_Brief_
Please return every line in the following data that includes the string "Vana".

_Entries provided_

......

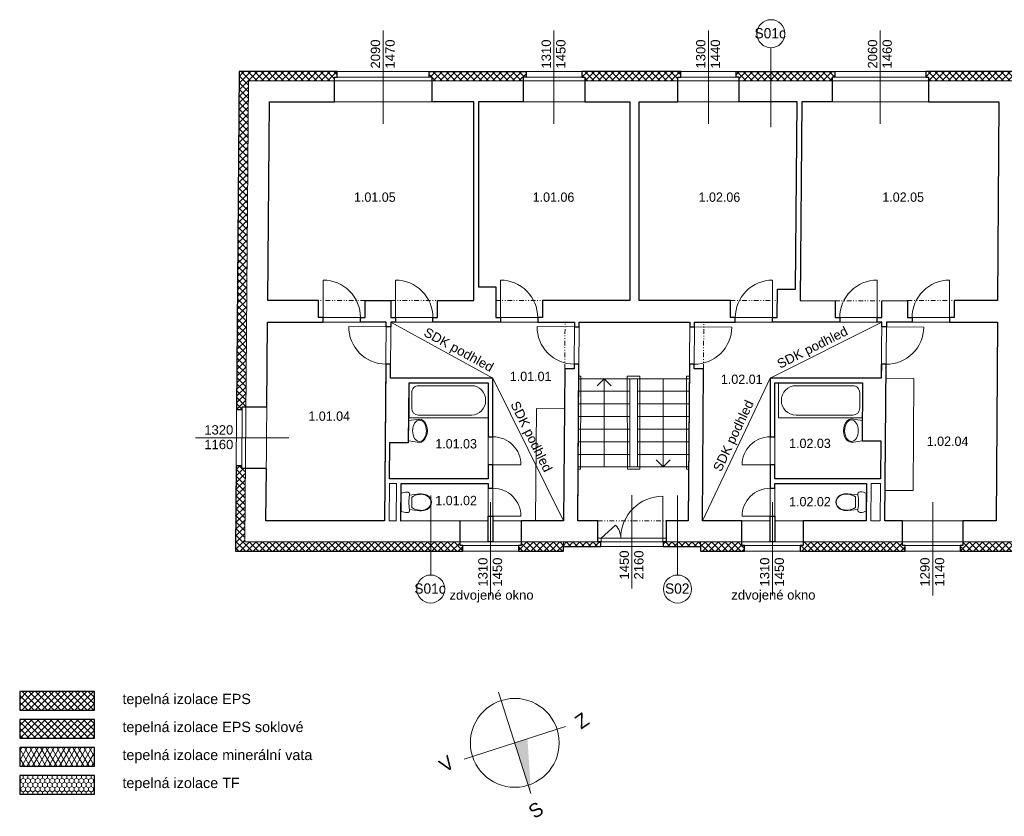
# Model space of a CAD drawing. Extents: x -2490 to 234697, y -105219 to -45378.
# Tile 1 of 15: x 17074 to 38154, y -105219 to -88168. Entities that reach past the tile are written whole.
import ezdxf

# ---------------------------------------------------------------- set-up
doc = ezdxf.new("R2010")
doc.units = 0
doc.header["$MEASUREMENT"] = 0
doc.linetypes.add('Wipeout_Contour', pattern=[1000, 0, -1000])
doc.linetypes.add('Čerchovaná se dvěma tečkami S', pattern=[250, 100, -40, 15, -40, 15, -40])
for name, color, linetype, lineweight in [('0_Číslo_pera__1', 7, 'Continuous', 15), ('2D BOD_Číslo_pera__1', 7, 'Continuous', 15), ('2D VÝPLNĚ_Číslo_pera__2', 1, 'Continuous', 25), ('2D VÝPLNĚ_Číslo_pera__4', 91, 'Continuous', 13), ('2D ČÁRY_Číslo_pera__1', 7, 'Continuous', 15), ('2D ČÁRY_Číslo_pera__2', 1, 'Continuous', 25), ('2D ČÁRY_Číslo_pera__3', 150, 'Continuous', 13), ('blok I_pohled4_terén_Číslo_pera__4', 91, 'Continuous', 13), ('DESKY.STROPNÍ_Číslo_pera__1', 7, 'Continuous', 15), ('komín_Číslo_pera__1', 7, 'Continuous', 15), ('NÁBYTEK A ZAŘÍZENÍ_Číslo_pera__3', 150, 'Continuous', 13), ('POZNÁMKY.TEXT_Číslo_pera__4', 91, 'Continuous', 13), ('zdi_Číslo_pera__1', 7, 'Continuous', 15)]:
    doc.layers.add(name, color=color, linetype=linetype, lineweight=lineweight)
for name, color, linetype in [('2D ČÁRY', 7, 'Continuous'), ('NÁBYTEK A ZAŘÍZENÍ', 7, 'Continuous'), ('vodorovné konstrukce', 7, 'Continuous')]:
    doc.layers.add(name, color=color, linetype=linetype)
doc.layers.add('vodorovné konstrukce_Číslo_pera__241', color=9, linetype='Continuous', lineweight=13, true_color=0x808080)
doc.styles.add('GENERATED_STYLE_1', font='arial.ttf')
doc.styles.add('GENERATED_STYLE_3', font='txt')
pattern_1 = [(45, (0, 0), (-70.71068, 70.71068), []), (135, (0, 0), (70.71068, 70.71068), [])]

# ---------------------------------------------------------------- blocks, each defined once
blk = doc.blocks.new('WC s nádržkou 1 11')
at = {"linetype": 'Wipeout_Contour', "ltscale": 15629.429493}
blk.add_wipeout([(31, 650), (18, 619), (8, 587), (2, 554), (0, 520), (5, 498), (20, 479), (40, 469), (64, 469), (41, 257), (39, 215), (44, 173), (54, 132), (70, 92), (97, 54), (132, 25), (174, 6), (220, 0), (266, 6), (308, 25), (343, 54), (370, 92), (386, 132), (396, 173), (401, 215), (399, 257), (376, 469), (400, 469), (420, 479), (435, 498), (440, 520), (438, 554), (432, 587), (422, 619), (409, 650)], dxfattribs=at).dxf.layer = 'NÁBYTEK A ZAŘÍZENÍ'
at = {"layer": 'NÁBYTEK A ZAŘÍZENÍ_Číslo_pera__3', "linetype": 'Continuous'}
for p, q in [((31, 650), (18, 619)), ((409, 650), (31, 650)), ((422, 619), (409, 650)), ((2, 554), (0, 520)), ((0, 520), (5, 498)), ((8, 587), (2, 554)), ((5, 498), (20, 479)), ((18, 619), (8, 587)), ((20, 479), (40, 469)), ((40, 469), (64, 469)), ((64, 469), (41, 257)), ((399, 257), (376, 469)), ((376, 469), (400, 469)), ((400, 469), (420, 479)), ((420, 479), (435, 498)), ((432, 587), (422, 619)), ((438, 554), (432, 587)), ((435, 498), (440, 520)), ((440, 520), (438, 554)), ((41, 257), (39, 215)), ((39, 215), (44, 173)), ((49, 256), (47, 215)), ((47, 215), (52, 174)), ((56, 299), (49, 256)), ((68, 341), (56, 299)), ((86, 381), (68, 341)), ((107, 419), (86, 381)), ((333, 419), (107, 419)), ((354, 381), (333, 419)), ((372, 341), (354, 381)), ((384, 299), (372, 341)), ((391, 256), (384, 299)), ((388, 174), (393, 215)), ((393, 215), (391, 256)), ((396, 173), (401, 215)), ((401, 215), (399, 257)), ((44, 173), (54, 132)), ((52, 174), (62, 134)), ((54, 132), (70, 92)), ((62, 134), (78, 96)), ((70, 92), (97, 54)), ((78, 96), (102, 60)), ((97, 54), (132, 25)), ((102, 60), (136, 32)), ((132, 25), (174, 6)), ((136, 32), (176, 14)), ((174, 6), (220, 0)), ((176, 14), (220, 8)), ((220, 8), (264, 14)), ((220, 0), (266, 6)), ((264, 14), (304, 32)), ((266, 6), (308, 25)), ((304, 32), (338, 60)), ((308, 25), (343, 54)), ((338, 60), (362, 96)), ((343, 54), (370, 92)), ((362, 96), (378, 134)), ((370, 92), (386, 132)), ((378, 134), (388, 174)), ((386, 132), (396, 173))]:
    blk.add_line(p, q, dxfattribs=at)
blk.add_ellipse((220, -298), major_axis=(785, 0), ratio=0.9963, start_param=1.370375, end_param=1.771221, dxfattribs=at)
blk = doc.blocks.new('Vana 01 11')
at = {"layer": 'NÁBYTEK A ZAŘÍZENÍ_Číslo_pera__3', "linetype": 'Continuous'}
for p, q in [((0, 0), (0, 751)), ((0, 751), (1696, 751)), ((1343, 691), (198, 691)), ((1696, 751), (1696, 0)), ((57, 210), (57, 541)), ((0, 0), (1696, 0)), ((1343, 60), (198, 60))]:
    blk.add_line(p, q, dxfattribs=at)
for centre, major_axis, start_param, end_param in [((198, 541), (0, 150), 0, 1.570796), ((1343, 375), (0, 315), 3.141593, 6.283185), ((198, 210), (0, 150), 1.570796, 3.141593)]:
    blk.add_ellipse(centre, major_axis=major_axis, ratio=0.941477, start_param=start_param, end_param=end_param, dxfattribs=at)
blk = doc.blocks.new('Umyvadlo oválné 11')
at = {"linetype": 'Wipeout_Contour', "ltscale": 6090.690526}
blk.add_wipeout([(0, 169), (2, 146), (9, 124), (19, 104), (43, 74), (73, 49), (129, 22), (188, 6), (250, 0), (312, 6), (371, 22), (427, 49), (457, 74), (481, 104), (491, 124), (498, 146), (500, 169), (469, 400), (31, 400), (-1, 169)], dxfattribs=at).dxf.layer = 'NÁBYTEK A ZAŘÍZENÍ'
at = {"layer": 'NÁBYTEK A ZAŘÍZENÍ_Číslo_pera__3', "linetype": 'Continuous'}
for p, q in [((31, 400), (-1, 169)), ((32, 400), (31, 400)), ((469, 400), (31, 400)), ((469, 400), (468, 400)), ((500, 169), (469, 400))]:
    blk.add_line(p, q, dxfattribs=at)
blk.add_ellipse((250, 169), major_axis=(-229, 0), ratio=0.643386, dxfattribs=at)
blk.add_ellipse((249, 169), major_axis=(-250, 0), ratio=0.674026, start_param=0, end_param=3.141593, dxfattribs=at)
blk = doc.blocks.new('WC s nádržkou 1 11_2')
at = {"linetype": 'Wipeout_Contour', "ltscale": 15629.429493}
blk.add_wipeout([(31, 650), (18, 619), (8, 587), (2, 554), (0, 520), (5, 498), (20, 479), (40, 469), (64, 469), (41, 257), (39, 215), (44, 173), (54, 132), (70, 92), (97, 54), (132, 25), (174, 6), (220, 0), (266, 6), (308, 25), (343, 54), (370, 92), (386, 132), (396, 173), (401, 215), (399, 257), (376, 469), (400, 469), (420, 479), (435, 498), (440, 520), (438, 554), (432, 587), (422, 619), (409, 650)], dxfattribs=at).dxf.layer = 'NÁBYTEK A ZAŘÍZENÍ'
at = {"layer": 'NÁBYTEK A ZAŘÍZENÍ_Číslo_pera__3', "linetype": 'Continuous'}
for p, q in [((31, 650), (18, 619)), ((409, 650), (31, 650)), ((422, 619), (409, 650)), ((2, 554), (0, 520)), ((0, 520), (5, 498)), ((8, 587), (2, 554)), ((5, 498), (20, 479)), ((18, 619), (8, 587)), ((20, 479), (40, 469)), ((40, 469), (64, 469)), ((64, 469), (41, 257)), ((399, 257), (376, 469)), ((376, 469), (400, 469)), ((400, 469), (420, 479)), ((420, 479), (435, 498)), ((432, 587), (422, 619)), ((438, 554), (432, 587)), ((435, 498), (440, 520)), ((440, 520), (438, 554)), ((41, 257), (39, 215)), ((39, 215), (44, 173)), ((49, 256), (47, 215)), ((47, 215), (52, 174)), ((56, 299), (49, 256)), ((68, 341), (56, 299)), ((86, 381), (68, 341)), ((107, 419), (86, 381)), ((333, 419), (107, 419)), ((354, 381), (333, 419)), ((372, 341), (354, 381)), ((384, 299), (372, 341)), ((391, 256), (384, 299)), ((388, 174), (393, 215)), ((393, 215), (391, 256)), ((396, 173), (401, 215)), ((401, 215), (399, 257)), ((44, 173), (54, 132)), ((52, 174), (62, 134)), ((54, 132), (70, 92)), ((62, 134), (78, 96)), ((70, 92), (97, 54)), ((78, 96), (102, 60)), ((97, 54), (132, 25)), ((102, 60), (136, 32)), ((132, 25), (174, 6)), ((136, 32), (176, 14)), ((174, 6), (220, 0)), ((176, 14), (220, 8)), ((220, 8), (264, 14)), ((220, 0), (266, 6)), ((264, 14), (304, 32)), ((266, 6), (308, 25)), ((304, 32), (338, 60)), ((308, 25), (343, 54)), ((338, 60), (362, 96)), ((343, 54), (370, 92)), ((362, 96), (378, 134)), ((370, 92), (386, 132)), ((378, 134), (388, 174)), ((386, 132), (396, 173))]:
    blk.add_line(p, q, dxfattribs=at)
blk.add_ellipse((220, -298), major_axis=(785, 0), ratio=0.9963, start_param=1.370375, end_param=1.771221, dxfattribs=at)
blk = doc.blocks.new('Vana 01 11_2')
at = {"layer": 'NÁBYTEK A ZAŘÍZENÍ_Číslo_pera__3', "linetype": 'Continuous'}
for p, q in [((0, 0), (0, 751)), ((0, 751), (1800, 751)), ((1425, 691), (210, 691)), ((1800, 751), (1800, 0)), ((60, 210), (60, 540)), ((0, 0), (1800, 0)), ((1425, 60), (210, 60))]:
    blk.add_line(p, q, dxfattribs=at)
for centre, major_axis, start_param, end_param in [((210, 540), (0, 150), 0, 1.570796), ((1425, 375), (0, 315), 3.141593, 6.283185), ((210, 210), (0, 150), 1.570796, 3.141593)]:
    blk.add_ellipse(centre, major_axis=major_axis, ratio=0.99918, start_param=start_param, end_param=end_param, dxfattribs=at)
blk = doc.blocks.new('Umyvadlo oválné 11_2')
at = {"linetype": 'Wipeout_Contour', "ltscale": 6090.690526}
blk.add_wipeout([(0, 169), (2, 146), (9, 124), (19, 104), (43, 74), (73, 49), (129, 22), (188, 6), (250, 0), (312, 6), (371, 22), (427, 49), (457, 74), (481, 104), (491, 124), (498, 146), (500, 169), (469, 400), (31, 400), (-1, 169)], dxfattribs=at).dxf.layer = 'NÁBYTEK A ZAŘÍZENÍ'
at = {"layer": 'NÁBYTEK A ZAŘÍZENÍ_Číslo_pera__3', "linetype": 'Continuous'}
for p, q in [((31, 400), (-1, 169)), ((32, 400), (31, 400)), ((469, 400), (31, 400)), ((469, 400), (468, 400)), ((500, 169), (469, 400))]:
    blk.add_line(p, q, dxfattribs=at)
blk.add_ellipse((250, 169), major_axis=(-229, 0), ratio=0.643386, dxfattribs=at)
blk.add_ellipse((249, 169), major_axis=(-250, 0), ratio=0.674026, start_param=0, end_param=3.141593, dxfattribs=at)
blk = doc.blocks.new('LINE_8289', base_point=(29587, -97742))
at = {"layer": '2D ČÁRY_Číslo_pera__3', "linetype": 'Continuous'}
for p, q in [((29587, -95852), (29437, -96002)), ((29587, -97742), (29587, -95852)), ((29587, -95852), (29737, -96002))]:
    blk.add_line(p, q, dxfattribs=at)
blk = doc.blocks.new('LINE_8290', base_point=(30851, -95852))
at = {"layer": '2D ČÁRY_Číslo_pera__3', "linetype": 'Continuous'}
for p, q in [((30851, -95852), (30851, -97742)), ((30851, -97742), (30701, -97592)), ((30851, -97742), (31001, -97592))]:
    blk.add_line(p, q, dxfattribs=at)
blk = doc.blocks.new('LINE_9147', base_point=(31158, -98355))
at = {"layer": 'vodorovné konstrukce_Číslo_pera__241', "linetype": 'Continuous'}
blk.add_line((31158, -98355), (31158, -100055), dxfattribs=at)
blk.add_circle((31158, -100355), 300, dxfattribs=at)
blk = doc.blocks.new('LINE_9148', base_point=(25874, -98355))
at = {"layer": 'vodorovné konstrukce_Číslo_pera__241', "linetype": 'Continuous'}
blk.add_line((25874, -98355), (25874, -100055), dxfattribs=at)
blk.add_circle((25874, -100355), 300, dxfattribs=at)
blk = doc.blocks.new('LINE_9157', base_point=(33157, -90468))
at = {"layer": 'vodorovné konstrukce_Číslo_pera__241', "linetype": 'Continuous'}
blk.add_line((33157, -90468), (33157, -88768), dxfattribs=at)
blk.add_circle((33157, -88468), 300, dxfattribs=at)

msp = doc.modelspace()

# ---------------------------------------------------------------- hatches: boundary and pattern name
at = {"layer": '2D VÝPLNĚ_Číslo_pera__4', "linetype": 'Continuous'}
h = msp.add_hatch(dxfattribs=at)
h.set_pattern_fill('TEPELNA_IZOLACE_EPS', color=8, style=0, pattern_type=2)
h.set_pattern_definition(pattern_1)
h.paths.add_polyline_path([(21715.2, -96511.4), (21839.2, -96512.4), (21839.7, -96452.4), (21915.7, -96452.4), (21972.1, -89475.6), (23810.9, -89475.6), (23810.9, -89399.6), (23870.9, -89399.6), (23870.9, -89275.6), (21773.7, -89275.6)], flags=0)
h = msp.add_hatch(dxfattribs=at)
h.set_pattern_fill('TEPELNA_IZOLACE_EPS', color=8, style=0, pattern_type=2)
h.set_pattern_definition(pattern_1)
h.paths.add_polyline_path([(25901.4, -89475.7), (27855.1, -89475.7), (27855.1, -89399.7), (27915.1, -89399.7), (27915.1, -89275.7), (25841.4, -89275.7), (25841.4, -89399.7), (25901.4, -89399.7)], flags=0)
h = msp.add_hatch(dxfattribs=at)
h.set_pattern_fill('TEPELNA_IZOLACE_EPS', color=8, style=0, pattern_type=2)
h.set_pattern_definition(pattern_1)
h.paths.add_polyline_path([(29170.2, -89475.7), (31166.9, -89475.7), (31166.9, -89399.7), (31226.9, -89399.7), (31226.9, -89275.7), (29110.2, -89275.7), (29110.2, -89399.7), (29170.2, -89399.7)], flags=0)
h = msp.add_hatch(dxfattribs=at)
h.set_pattern_fill('TEPELNA_IZOLACE_EPS', color=8, style=0, pattern_type=2)
h.set_pattern_definition(pattern_1)
h.paths.add_polyline_path([(32475.8, -89475.7), (34466, -89475.7), (34466, -89399.7), (34526, -89399.7), (34526, -89275.7), (32415.8, -89275.7), (32415.8, -89399.7), (32475.8, -89399.7)], flags=0)
h = msp.add_hatch(dxfattribs=at)
h.set_pattern_fill('TEPELNA_IZOLACE_EPS', color=8, style=0, pattern_type=2)
h.set_pattern_definition(pattern_1)
h.paths.add_polyline_path([(36533, -89475.7), (39890.6, -89475.8), (39890.6, -89399.8), (39950.6, -89399.8), (39950.6, -89275.8), (36473, -89275.7), (36473, -89399.7), (36533, -89399.7)], flags=0)
h = msp.add_hatch(dxfattribs=at)
h.set_pattern_fill('TEPELNA_IZOLACE_EPS', color=8, style=0, pattern_type=2)
h.set_pattern_definition(pattern_1)
h.paths.add_polyline_path([(26560.9, -99545.7), (26560.9, -99421.7), (26500.9, -99421.7), (26500.9, -99345.7), (21892.3, -99346.8), (21905, -97776.8), (21829, -97776.8), (21829.5, -97716.8), (21705.5, -97715.8), (21690.7, -99546.8)], flags=0)
h = msp.add_hatch(dxfattribs=at)
h.set_pattern_fill('TEPELNA_IZOLACE_EPS', color=8, style=0, pattern_type=2)
h.set_pattern_definition(pattern_1)
h.paths.add_polyline_path([(28713.4, -99545.2), (28713.4, -99445.2), (28713.4, -99345.2), (27811.5, -99345.4), (27811.6, -99421.4), (27751.6, -99421.4), (27751.6, -99545.4)], flags=0)
h = msp.add_hatch(dxfattribs=at)
h.set_pattern_fill('TEPELNA_IZOLACE_PERIMETR', color=8, style=0, pattern_type=2)
h.set_pattern_definition(pattern_1)
h.paths.add_polyline_path([(29513.4, -99445.2), (29513.4, -99345), (29453.4, -99345), (28713.4, -99345.2), (28713.4, -99445.2)], flags=0)
h = msp.add_hatch(dxfattribs=at)
h.set_pattern_fill('TEPELNA_IZOLACE_PERIMETR', color=8, style=0, pattern_type=2)
h.set_pattern_definition(pattern_1)
h.paths.add_polyline_path([(31652.3, -99445.2), (31652.3, -99344.5), (30852.3, -99344.7), (30852.3, -99445.2)], flags=0)
h = msp.add_hatch(dxfattribs=at)
h.set_pattern_fill('TEPELNA_IZOLACE_EPS', color=8, style=0, pattern_type=2)
h.set_pattern_definition(pattern_1)
h.paths.add_polyline_path([(32535, -99344.3), (31652.3, -99344.5), (31652.3, -99445.2), (31652.2, -99544.1), (32595, -99544.3), (32595, -99420.3), (32535, -99420.3)], flags=0)
h = msp.add_hatch(dxfattribs=at)
h.set_pattern_fill('TEPELNA_IZOLACE_EPS', color=8, style=0, pattern_type=2)
h.set_pattern_definition(pattern_1)
h.paths.add_polyline_path([(36032.4, -99543.5), (36032.3, -99419.5), (35972.3, -99419.5), (35972.3, -99343.5), (33845.7, -99344), (33845.7, -99420), (33785.7, -99420), (33785.7, -99544)], flags=0)
h = msp.add_hatch(dxfattribs=at)
h.set_pattern_fill('TEPELNA_IZOLACE_EPS', color=8, style=0, pattern_type=2)
h.set_pattern_definition(pattern_1)
h.paths.add_polyline_path([(38998.6, -99342.8), (37268.8, -99343.2), (37268.8, -99419.2), (37208.8, -99419.2), (37208.9, -99543.2), (39058.7, -99542.8), (39058.7, -99418.8), (38998.7, -99418.8)], flags=0)
h = msp.add_hatch(dxfattribs=at)
h.set_pattern_fill('TEPELNA_IZOLACE_EPS', color=8, style=0, pattern_type=2)
h.set_pattern_definition(pattern_1)
h.paths.add_polyline_path([(17073.7, -102946.8), (18673.7, -102946.8), (18673.7, -102546.8), (17073.7, -102546.8)], flags=0)
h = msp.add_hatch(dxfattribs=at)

......

_Answer box_
blk = doc.blocks.new('Vana 01 11')
blk = doc.blocks.new('Vana 01 11_2')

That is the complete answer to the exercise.